La terre, Piet va l'arracher à l'eau, il est ingénieur au Rijkwaterstaat, le Ministère royal de l'eau, Ministère de la boue serait mieux dire. Le feu, d'autres hollandais vont l'arracher aussi à la mer, gaz de Groningue.

Piero est Toscan. C'est un bel italien, tout de brun, cuir, poils, prunelles. Il habite une bastide ocre dans la terre de Sienne, murs épais, fenêtres étroites, atrium secret.

La Toscane est un pays de terre et de feu.

Piero épanouit la terre et le feu du ciel en vin. Son travail est d'artisan ou d'artiste, choisir les cépages, élever les vignes, les tailler jusqu'à recueillir les grappes comme des notes d'un orchestre. Puis composer, et laisser éxécuter.

C'est drôle comme entre le Nord et le Sud les maisons inversent la lumière du dehors, et comme des architectures différentes s'y sont épanouies.

Le sud c'est le pays du Roman, inspiré des basiliques romaines ou des premiers temples de l'Islam. Mur épais, à peine percés de fenêtres, piliers lourds cachant des déambulatoires secrets, fraicheur et mystère de l'ombre.

Le Nord a développé le Gothique, en a t'on jamais vu en Italie? Les murs ne sont plus que des verrières, la structure est repoussée sur de fines nervures et colonnes, ou des arcs boutants qui ne sont même plus partie du mur.
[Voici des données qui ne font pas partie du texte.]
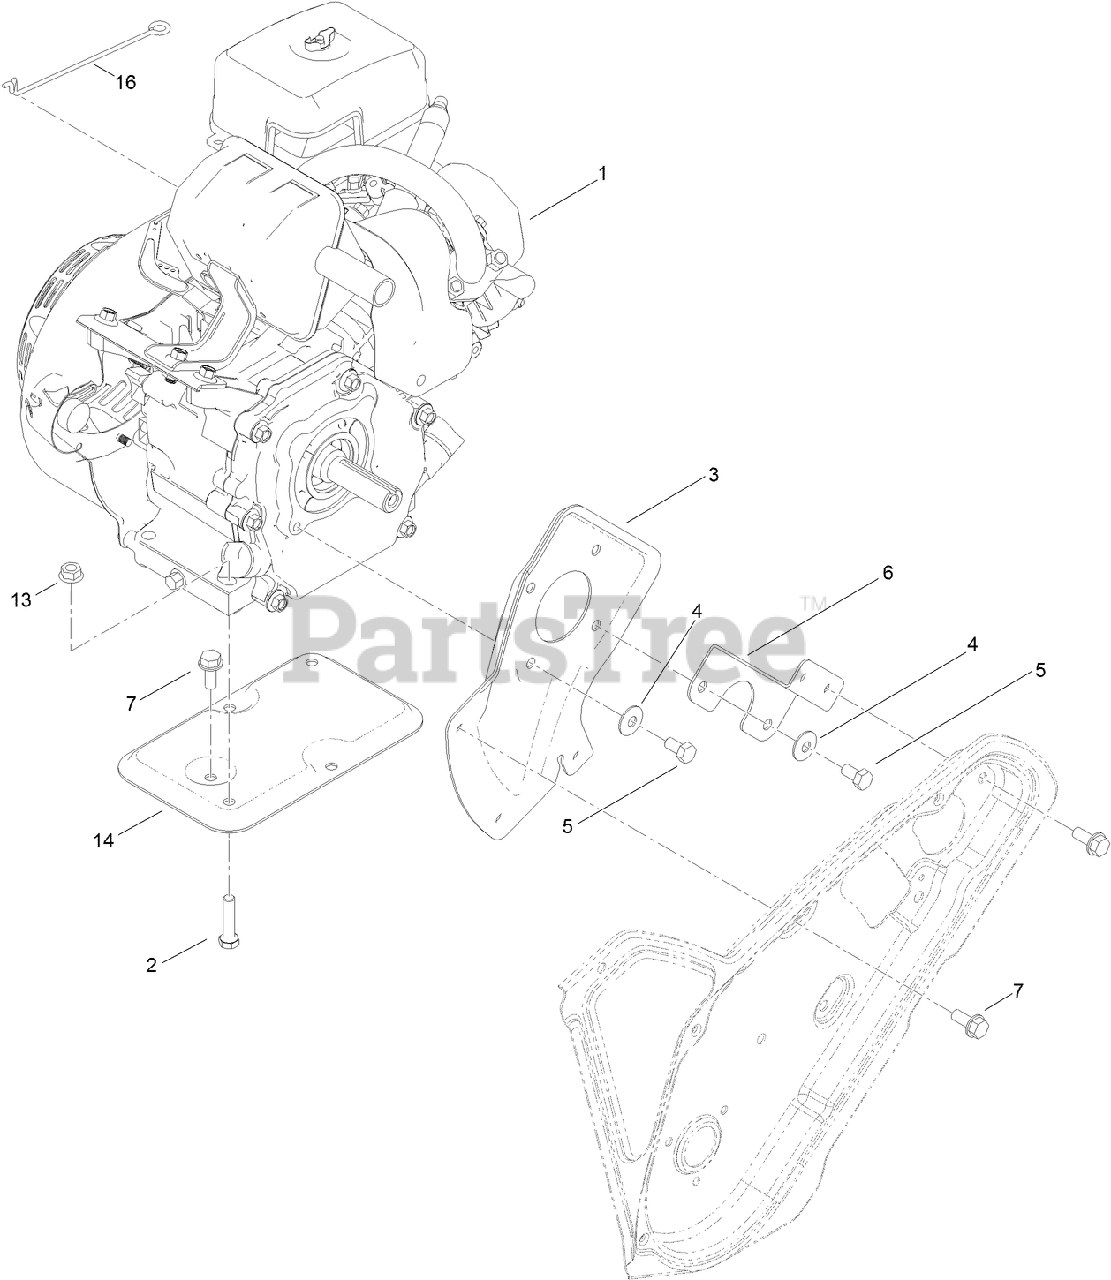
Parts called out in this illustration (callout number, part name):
1	ENGINE-LC168FS-1
2	SCREW-HH
3	PLATE-ENGINE, PTO
4	WASHER-BELLEVILLE
5	SCREW-HH
6	SUPPORT-ENGINE, SIDE
7	SCREW-HWHTF
13	NUT-HF
14	SUPPORT-ENGINE
16	LINK-KNOB, CHOKE

La lumière explose partout rendant l'édifice transparent, limpide en apparence.

On passe du plan qui protège à la ligne qui expose. Du mur plein à la transparence.

J'ai 2 amants.

Avec Piero, je suis courtisane de harem, voiles et parfums secrets, coussins profonds. Je me laisse enivrer par son vin, séduire par sa trop belle assurance de mâle du Sud et m'abandonne, oui avec plaisir, à ces désirs.

Avec Piet, je suis femme partenaire de l'amour. Il me laisse croire que nous sommes égaux dans ce jeu, mais je sais que son regard sur moi peut être comme celui des hommes sur les prostituées du quartier rouge d'Amsterdam, ses filles presque nues dans des vitrines trop éclairées.

Il est des jours où j'aime le trouble du voile, et d'autres où je préfère les lignes du string.

J'ai 2 amours.

Piet me dit qu'il m'aime. Il souhaite que nous fondions une famille, nous aurions 2 beaux enfants, un petit chien et une Volvo break. Tout est clair dans sa tête. Et pourtant, quelquefois, je vois dans ses yeux un peu de trouble. Et je pense à ses cousins calvinistes, chez qui tout est transparent, tout est selon la bible et ses préceptes, mais dont je n'arrive jamais à croiser le regard.

La ligne de vie qu'il me propose, toute droite en apparence n'a t'elle pas des courbures cachées, ou une turbulence à venir comme le sillage d'un avion. Si bien sûr, cette vie là est comme l'intérieur de la maison dans un tableau de Vermeer, la fenêtre est ouverte, tout est rangé, ciré, les personnages à leur place et à leur ouvrage et pourtant il traîne une lettre, un papillon y volette....

Piero me jure de son amour. Nous aurons une belle famille, pleine d'enfants et de rires. Il aura son Alfa Romeo et sera reconnu dans son métier. Et moi je serai maitresse dans la maison, et respectée dans le village. J'aurai de belles robes, et Piero sera fier de notre famille, de nos réceptions et de mes activités bénévoles. L'avenir qu'il me propose, je le vois comme au théâtre, avec de la Comédia lorsque nous parlerons de sa maitresse ou peut-être de mes amants, et de troubles clairs obscurs comme dans un tableau du Caravage lorsque la souffrance arrivera. Oui du théatral, voile du rideau encore, du Roman ces Italiens ne sont ils pas passés directement au Baroque?

Mais quelque soit celui que je choisis, je sais qu'un soir je me retrouverai seule, face à moi-même.

Plan, ligne, à la fin il n'y aura plus qu'un point. Comme le regard d'un portrait, de Rembrandt ou de Raphaël, peu importe. Point.